◆ Assignment: Which lines in the records below contain the word "linetype"? Report each of them.

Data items

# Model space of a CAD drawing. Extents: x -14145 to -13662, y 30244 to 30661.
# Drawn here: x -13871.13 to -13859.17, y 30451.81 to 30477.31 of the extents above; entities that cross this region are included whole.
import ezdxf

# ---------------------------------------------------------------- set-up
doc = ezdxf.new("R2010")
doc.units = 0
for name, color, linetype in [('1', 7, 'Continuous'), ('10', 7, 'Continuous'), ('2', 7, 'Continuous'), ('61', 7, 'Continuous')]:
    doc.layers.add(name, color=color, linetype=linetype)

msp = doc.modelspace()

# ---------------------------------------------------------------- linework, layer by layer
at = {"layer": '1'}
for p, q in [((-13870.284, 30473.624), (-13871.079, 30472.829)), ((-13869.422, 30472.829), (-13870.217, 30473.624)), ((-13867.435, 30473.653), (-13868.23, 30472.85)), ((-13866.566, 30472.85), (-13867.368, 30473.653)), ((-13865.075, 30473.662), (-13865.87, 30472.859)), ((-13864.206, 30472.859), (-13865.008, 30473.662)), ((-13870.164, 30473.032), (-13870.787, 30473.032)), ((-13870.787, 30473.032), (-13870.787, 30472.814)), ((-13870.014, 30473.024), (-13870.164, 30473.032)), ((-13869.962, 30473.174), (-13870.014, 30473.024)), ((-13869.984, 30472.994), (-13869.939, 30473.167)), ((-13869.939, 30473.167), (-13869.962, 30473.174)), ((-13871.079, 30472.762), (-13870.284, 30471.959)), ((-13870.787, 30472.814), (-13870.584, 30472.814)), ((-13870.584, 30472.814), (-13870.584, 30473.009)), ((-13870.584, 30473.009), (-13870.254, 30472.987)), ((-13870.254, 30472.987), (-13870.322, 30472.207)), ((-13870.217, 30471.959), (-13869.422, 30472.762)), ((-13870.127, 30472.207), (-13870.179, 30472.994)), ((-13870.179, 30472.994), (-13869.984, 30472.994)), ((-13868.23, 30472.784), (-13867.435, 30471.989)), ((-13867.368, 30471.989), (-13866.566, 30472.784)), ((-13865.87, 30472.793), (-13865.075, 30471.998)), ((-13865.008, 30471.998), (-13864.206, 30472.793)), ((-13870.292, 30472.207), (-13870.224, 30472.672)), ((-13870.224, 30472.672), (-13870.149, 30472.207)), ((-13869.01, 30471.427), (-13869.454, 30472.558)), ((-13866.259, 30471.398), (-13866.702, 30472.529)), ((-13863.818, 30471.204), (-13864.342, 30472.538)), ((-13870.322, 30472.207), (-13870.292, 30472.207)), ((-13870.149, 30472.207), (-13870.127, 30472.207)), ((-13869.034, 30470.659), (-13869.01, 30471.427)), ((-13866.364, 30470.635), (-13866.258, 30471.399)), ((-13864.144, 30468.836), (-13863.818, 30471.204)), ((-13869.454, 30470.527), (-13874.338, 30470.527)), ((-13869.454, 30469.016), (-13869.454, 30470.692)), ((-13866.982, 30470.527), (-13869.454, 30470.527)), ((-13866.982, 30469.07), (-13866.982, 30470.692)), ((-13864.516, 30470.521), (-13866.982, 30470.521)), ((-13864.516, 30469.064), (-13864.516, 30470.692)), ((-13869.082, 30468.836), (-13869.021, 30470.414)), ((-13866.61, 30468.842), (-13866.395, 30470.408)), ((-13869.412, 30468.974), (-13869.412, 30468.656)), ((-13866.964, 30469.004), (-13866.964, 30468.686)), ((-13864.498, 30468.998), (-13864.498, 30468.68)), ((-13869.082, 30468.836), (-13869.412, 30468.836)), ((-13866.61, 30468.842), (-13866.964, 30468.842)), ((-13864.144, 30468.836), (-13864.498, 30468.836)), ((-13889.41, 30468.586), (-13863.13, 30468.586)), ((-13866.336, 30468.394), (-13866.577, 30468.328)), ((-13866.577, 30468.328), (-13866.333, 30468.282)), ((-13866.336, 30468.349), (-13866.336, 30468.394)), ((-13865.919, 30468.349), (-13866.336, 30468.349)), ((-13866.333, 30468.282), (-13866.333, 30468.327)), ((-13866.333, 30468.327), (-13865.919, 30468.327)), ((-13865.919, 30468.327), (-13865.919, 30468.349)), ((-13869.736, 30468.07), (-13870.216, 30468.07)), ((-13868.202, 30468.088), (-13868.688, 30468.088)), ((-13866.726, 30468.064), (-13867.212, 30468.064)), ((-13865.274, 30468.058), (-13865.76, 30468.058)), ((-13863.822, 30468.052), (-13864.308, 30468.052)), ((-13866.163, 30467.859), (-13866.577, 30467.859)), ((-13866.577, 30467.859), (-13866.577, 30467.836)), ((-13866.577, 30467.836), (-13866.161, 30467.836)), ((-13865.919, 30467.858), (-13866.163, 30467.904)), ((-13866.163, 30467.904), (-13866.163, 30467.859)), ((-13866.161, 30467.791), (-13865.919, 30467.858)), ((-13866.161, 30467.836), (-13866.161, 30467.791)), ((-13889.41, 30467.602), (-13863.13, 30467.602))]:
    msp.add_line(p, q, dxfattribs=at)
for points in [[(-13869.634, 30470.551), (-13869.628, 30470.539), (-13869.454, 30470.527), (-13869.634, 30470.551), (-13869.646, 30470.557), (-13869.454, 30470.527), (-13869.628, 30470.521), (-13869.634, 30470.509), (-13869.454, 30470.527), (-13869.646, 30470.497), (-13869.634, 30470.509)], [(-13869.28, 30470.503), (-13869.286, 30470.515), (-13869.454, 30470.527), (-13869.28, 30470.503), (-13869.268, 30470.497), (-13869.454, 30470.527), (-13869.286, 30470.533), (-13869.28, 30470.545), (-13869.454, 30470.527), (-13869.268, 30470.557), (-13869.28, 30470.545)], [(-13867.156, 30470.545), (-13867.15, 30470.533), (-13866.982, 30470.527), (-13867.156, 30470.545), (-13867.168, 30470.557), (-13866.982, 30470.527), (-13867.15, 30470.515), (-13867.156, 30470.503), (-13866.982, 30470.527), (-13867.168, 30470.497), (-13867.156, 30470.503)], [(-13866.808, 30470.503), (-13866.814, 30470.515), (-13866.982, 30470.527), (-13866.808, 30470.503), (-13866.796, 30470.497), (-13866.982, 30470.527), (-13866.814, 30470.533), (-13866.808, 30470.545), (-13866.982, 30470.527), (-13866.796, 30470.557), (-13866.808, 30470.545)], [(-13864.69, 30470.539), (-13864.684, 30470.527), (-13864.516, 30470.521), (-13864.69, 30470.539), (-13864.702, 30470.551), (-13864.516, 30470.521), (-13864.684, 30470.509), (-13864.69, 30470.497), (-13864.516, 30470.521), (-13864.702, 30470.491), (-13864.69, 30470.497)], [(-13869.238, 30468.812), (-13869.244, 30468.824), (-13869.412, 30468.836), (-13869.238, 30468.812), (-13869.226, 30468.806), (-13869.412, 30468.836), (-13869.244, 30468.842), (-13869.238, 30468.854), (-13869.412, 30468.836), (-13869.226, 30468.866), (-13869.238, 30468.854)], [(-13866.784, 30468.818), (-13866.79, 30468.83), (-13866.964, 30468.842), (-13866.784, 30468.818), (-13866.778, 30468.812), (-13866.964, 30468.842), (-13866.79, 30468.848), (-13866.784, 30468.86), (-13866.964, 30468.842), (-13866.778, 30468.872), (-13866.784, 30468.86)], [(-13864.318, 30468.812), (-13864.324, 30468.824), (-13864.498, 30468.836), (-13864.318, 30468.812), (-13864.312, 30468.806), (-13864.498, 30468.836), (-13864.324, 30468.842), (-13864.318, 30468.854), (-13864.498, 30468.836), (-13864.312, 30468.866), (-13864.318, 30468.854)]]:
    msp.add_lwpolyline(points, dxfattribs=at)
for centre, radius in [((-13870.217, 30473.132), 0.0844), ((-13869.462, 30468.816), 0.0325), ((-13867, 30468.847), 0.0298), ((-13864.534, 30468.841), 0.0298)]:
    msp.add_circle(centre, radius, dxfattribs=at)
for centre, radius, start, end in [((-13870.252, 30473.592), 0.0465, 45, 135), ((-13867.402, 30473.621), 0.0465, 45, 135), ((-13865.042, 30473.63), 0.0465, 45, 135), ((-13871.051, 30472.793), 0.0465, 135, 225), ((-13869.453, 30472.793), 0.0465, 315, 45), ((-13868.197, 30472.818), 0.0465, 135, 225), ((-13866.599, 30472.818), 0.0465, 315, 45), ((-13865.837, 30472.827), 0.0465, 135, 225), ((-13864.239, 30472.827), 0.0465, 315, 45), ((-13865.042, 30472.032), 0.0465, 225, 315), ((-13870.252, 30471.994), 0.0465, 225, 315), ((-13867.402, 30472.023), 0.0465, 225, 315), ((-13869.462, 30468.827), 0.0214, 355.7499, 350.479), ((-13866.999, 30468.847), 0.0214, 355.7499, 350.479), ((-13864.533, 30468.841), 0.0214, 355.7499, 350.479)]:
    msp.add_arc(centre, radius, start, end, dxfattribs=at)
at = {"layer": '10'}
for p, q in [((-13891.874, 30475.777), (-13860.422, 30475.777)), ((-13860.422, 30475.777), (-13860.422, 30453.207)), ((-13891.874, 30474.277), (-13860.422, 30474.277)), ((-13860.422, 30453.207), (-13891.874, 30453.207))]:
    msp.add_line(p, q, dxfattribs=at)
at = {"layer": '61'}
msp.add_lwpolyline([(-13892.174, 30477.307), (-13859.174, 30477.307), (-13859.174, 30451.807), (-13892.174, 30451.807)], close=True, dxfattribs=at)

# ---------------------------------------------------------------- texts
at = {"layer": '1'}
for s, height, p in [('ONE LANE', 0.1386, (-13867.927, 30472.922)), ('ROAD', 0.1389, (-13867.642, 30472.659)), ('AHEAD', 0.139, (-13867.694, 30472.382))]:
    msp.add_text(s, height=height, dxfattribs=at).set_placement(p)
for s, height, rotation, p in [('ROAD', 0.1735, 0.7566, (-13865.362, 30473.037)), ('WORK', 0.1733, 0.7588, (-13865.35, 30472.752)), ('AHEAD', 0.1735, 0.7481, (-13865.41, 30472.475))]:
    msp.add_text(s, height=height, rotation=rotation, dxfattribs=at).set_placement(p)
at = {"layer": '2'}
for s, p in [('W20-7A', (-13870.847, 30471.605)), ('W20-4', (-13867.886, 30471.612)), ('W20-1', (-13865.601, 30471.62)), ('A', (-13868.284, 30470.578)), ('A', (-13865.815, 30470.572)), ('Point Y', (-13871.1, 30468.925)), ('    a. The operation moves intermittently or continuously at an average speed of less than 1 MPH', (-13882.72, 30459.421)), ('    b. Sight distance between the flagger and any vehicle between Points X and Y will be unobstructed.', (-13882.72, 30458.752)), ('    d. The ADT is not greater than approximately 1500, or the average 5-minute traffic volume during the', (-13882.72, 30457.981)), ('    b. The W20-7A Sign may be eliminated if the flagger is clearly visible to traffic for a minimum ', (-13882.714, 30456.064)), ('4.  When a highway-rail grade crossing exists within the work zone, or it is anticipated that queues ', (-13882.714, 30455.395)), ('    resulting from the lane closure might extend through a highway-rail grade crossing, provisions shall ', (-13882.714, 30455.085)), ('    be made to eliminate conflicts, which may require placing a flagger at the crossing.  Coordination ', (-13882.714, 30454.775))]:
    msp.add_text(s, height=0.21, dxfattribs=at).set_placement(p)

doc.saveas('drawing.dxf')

◆ Response to this task:
for name, color, linetype in [('1', 7, 'Continuous'), ('10', 7, 'Continuous'), ('2', 7, 'Continuous'), ('61', 7, 'Continuous')]:
    doc.layers.add(name, color=color, linetype=linetype)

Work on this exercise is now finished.